Neurosymbolic Graph Enrichment for Grounded World Models
This addresses the problem of improving natural language understanding and reasoning for AI researchers, though it appears incremental as it builds on existing LLM and AMR techniques.
The paper tackles the challenge of enabling AI systems to understand and reason about complex real-world scenarios by developing a method that enhances LLMs to create multimodal, knowledge-augmented formal representations from images, bridging unstructured language models with structured semantics.

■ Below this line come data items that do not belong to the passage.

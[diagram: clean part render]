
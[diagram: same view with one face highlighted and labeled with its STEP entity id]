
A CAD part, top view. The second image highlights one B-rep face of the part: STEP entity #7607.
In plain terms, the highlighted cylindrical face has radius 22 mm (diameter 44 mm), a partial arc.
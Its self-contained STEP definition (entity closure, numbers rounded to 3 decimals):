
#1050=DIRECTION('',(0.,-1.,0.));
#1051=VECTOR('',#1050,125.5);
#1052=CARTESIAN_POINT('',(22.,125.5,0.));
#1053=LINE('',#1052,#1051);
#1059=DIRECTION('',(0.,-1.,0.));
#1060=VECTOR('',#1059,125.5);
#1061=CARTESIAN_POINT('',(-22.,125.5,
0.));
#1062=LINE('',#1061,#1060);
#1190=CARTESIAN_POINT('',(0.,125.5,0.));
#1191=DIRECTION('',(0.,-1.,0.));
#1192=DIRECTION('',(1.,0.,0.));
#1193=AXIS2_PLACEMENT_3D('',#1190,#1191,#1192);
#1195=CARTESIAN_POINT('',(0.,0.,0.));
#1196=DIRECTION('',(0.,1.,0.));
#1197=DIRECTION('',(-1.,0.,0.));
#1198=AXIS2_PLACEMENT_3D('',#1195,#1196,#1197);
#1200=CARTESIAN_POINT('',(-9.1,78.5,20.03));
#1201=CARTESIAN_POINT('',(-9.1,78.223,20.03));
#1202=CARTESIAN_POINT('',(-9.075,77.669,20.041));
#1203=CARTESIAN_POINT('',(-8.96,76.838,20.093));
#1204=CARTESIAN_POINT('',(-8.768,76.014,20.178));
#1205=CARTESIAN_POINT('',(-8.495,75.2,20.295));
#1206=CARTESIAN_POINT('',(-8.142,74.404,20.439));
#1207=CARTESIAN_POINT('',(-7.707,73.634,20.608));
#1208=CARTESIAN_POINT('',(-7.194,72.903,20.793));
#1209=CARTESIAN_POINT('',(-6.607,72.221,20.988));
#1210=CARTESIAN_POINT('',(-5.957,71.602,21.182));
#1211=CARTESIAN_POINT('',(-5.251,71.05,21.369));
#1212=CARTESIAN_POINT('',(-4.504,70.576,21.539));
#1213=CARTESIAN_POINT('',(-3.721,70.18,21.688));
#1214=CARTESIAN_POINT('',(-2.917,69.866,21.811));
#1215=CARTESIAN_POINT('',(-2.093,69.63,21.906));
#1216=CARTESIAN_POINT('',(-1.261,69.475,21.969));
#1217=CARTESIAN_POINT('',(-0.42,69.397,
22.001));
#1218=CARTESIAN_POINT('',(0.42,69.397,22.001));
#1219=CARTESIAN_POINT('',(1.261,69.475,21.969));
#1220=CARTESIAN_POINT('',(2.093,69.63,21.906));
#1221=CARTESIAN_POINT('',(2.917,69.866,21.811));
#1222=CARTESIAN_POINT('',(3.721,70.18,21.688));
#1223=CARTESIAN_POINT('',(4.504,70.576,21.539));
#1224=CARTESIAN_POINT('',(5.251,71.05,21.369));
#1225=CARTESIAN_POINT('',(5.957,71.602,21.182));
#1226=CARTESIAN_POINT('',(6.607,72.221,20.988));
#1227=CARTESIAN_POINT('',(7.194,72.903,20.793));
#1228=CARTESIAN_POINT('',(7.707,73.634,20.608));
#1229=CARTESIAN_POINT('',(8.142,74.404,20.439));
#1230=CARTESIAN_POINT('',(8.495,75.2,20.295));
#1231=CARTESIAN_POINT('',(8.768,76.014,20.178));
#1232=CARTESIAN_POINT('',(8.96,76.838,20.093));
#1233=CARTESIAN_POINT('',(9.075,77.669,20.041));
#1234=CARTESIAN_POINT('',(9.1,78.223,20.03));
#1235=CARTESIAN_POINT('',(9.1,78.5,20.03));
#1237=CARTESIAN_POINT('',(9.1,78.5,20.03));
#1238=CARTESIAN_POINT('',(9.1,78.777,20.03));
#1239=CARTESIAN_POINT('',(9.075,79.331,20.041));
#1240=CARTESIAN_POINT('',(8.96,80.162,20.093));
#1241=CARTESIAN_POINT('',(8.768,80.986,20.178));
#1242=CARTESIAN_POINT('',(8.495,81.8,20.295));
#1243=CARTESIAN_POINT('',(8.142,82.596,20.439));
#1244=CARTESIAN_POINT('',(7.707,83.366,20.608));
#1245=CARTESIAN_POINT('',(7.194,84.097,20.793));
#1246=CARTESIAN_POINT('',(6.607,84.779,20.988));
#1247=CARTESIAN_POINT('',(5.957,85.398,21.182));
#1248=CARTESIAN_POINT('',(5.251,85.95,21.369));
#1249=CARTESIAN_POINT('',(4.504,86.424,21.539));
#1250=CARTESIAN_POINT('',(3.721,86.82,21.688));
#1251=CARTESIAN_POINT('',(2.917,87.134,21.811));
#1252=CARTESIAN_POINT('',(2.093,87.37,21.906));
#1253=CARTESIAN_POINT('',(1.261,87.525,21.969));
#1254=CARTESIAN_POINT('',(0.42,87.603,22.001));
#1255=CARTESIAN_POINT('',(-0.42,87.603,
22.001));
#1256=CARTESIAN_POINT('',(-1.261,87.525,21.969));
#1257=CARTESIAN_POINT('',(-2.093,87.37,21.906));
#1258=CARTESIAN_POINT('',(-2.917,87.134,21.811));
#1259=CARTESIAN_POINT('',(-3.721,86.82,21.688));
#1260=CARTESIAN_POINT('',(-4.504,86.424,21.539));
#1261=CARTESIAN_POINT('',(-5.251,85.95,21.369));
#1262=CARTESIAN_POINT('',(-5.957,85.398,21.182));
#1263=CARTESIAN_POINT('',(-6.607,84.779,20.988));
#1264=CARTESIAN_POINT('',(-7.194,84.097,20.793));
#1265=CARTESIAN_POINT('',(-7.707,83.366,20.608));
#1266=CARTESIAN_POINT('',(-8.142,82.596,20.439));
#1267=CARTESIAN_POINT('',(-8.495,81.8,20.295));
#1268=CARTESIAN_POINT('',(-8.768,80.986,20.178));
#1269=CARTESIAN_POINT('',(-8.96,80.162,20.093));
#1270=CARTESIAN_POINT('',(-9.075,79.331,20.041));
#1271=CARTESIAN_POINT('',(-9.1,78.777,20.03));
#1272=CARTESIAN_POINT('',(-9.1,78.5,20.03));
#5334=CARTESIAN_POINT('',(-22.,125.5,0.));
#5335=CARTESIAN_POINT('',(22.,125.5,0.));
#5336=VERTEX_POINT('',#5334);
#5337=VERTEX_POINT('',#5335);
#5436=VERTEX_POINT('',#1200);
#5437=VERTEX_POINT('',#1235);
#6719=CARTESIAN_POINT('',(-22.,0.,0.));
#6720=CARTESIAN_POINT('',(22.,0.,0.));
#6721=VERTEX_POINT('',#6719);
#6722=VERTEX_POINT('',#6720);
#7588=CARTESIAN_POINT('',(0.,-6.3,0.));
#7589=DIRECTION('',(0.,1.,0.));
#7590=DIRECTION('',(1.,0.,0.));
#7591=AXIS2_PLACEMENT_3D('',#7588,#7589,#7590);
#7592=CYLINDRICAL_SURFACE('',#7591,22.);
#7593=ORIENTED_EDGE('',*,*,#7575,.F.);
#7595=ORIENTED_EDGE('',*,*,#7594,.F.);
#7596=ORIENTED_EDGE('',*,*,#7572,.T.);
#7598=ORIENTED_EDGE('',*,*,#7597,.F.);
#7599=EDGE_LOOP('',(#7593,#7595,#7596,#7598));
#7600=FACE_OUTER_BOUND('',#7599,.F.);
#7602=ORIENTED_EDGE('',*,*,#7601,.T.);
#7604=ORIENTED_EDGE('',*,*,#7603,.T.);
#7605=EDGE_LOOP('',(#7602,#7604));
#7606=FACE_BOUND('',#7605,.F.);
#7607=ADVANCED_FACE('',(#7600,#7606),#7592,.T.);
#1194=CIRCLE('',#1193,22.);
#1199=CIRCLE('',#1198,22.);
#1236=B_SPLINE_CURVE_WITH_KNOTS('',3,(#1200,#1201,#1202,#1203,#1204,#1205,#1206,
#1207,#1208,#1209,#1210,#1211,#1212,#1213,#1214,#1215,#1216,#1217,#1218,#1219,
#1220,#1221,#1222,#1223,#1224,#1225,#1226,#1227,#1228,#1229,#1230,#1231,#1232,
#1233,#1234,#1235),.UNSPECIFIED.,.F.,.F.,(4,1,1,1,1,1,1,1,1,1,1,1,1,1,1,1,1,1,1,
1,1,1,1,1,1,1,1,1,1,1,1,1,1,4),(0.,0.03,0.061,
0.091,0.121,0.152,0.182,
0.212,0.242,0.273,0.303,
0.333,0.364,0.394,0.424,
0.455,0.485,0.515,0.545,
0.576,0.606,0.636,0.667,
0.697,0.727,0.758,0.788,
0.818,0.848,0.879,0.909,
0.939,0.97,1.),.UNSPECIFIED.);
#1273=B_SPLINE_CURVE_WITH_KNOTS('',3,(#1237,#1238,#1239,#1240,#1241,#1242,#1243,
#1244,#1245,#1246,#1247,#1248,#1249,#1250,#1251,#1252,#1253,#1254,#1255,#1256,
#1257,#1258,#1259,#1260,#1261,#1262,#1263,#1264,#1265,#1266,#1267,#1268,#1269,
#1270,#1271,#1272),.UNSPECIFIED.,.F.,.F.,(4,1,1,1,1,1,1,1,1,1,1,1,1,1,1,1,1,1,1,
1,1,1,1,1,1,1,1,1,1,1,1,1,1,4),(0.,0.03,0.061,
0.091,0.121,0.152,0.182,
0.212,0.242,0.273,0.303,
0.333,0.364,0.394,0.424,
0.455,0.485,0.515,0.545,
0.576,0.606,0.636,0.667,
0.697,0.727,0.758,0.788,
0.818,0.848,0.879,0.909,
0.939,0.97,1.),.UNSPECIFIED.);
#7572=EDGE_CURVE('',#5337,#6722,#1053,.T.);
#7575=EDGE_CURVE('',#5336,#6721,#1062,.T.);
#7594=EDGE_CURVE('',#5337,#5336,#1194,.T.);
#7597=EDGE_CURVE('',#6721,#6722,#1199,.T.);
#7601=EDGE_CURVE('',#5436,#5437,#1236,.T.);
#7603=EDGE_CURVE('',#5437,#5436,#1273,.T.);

The development of artificial intelligence systems capable of understanding and reasoning about complex real-world scenarios is a significant challenge. In this work we present a novel approach to enhance and exploit LLM reactive capability to address complex problems and interpret deeply contextual real-world meaning. We introduce a method and a tool for creating a multimodal, knowledge-augmented formal representation of meaning that combines the strengths of large language models with structured semantic representations. Our method begins with an image input, utilizing state-of-the-art large language models to generate a natural language description. This description is then transformed into an Abstract Meaning Representation (AMR) graph, which is formalized and enriched with logical design patterns, and layered semantics derived from linguistic and factual knowledge bases. The resulting graph is then fed back into the LLM to be extended with implicit knowledge activated by complex heuristic learning, including semantic implicatures, moral values, embodied cognition, and metaphorical representations. By bridging the gap between unstructured language models and formal semantic structures, our method opens new avenues for tackling intricate problems in natural language understanding and reasoning.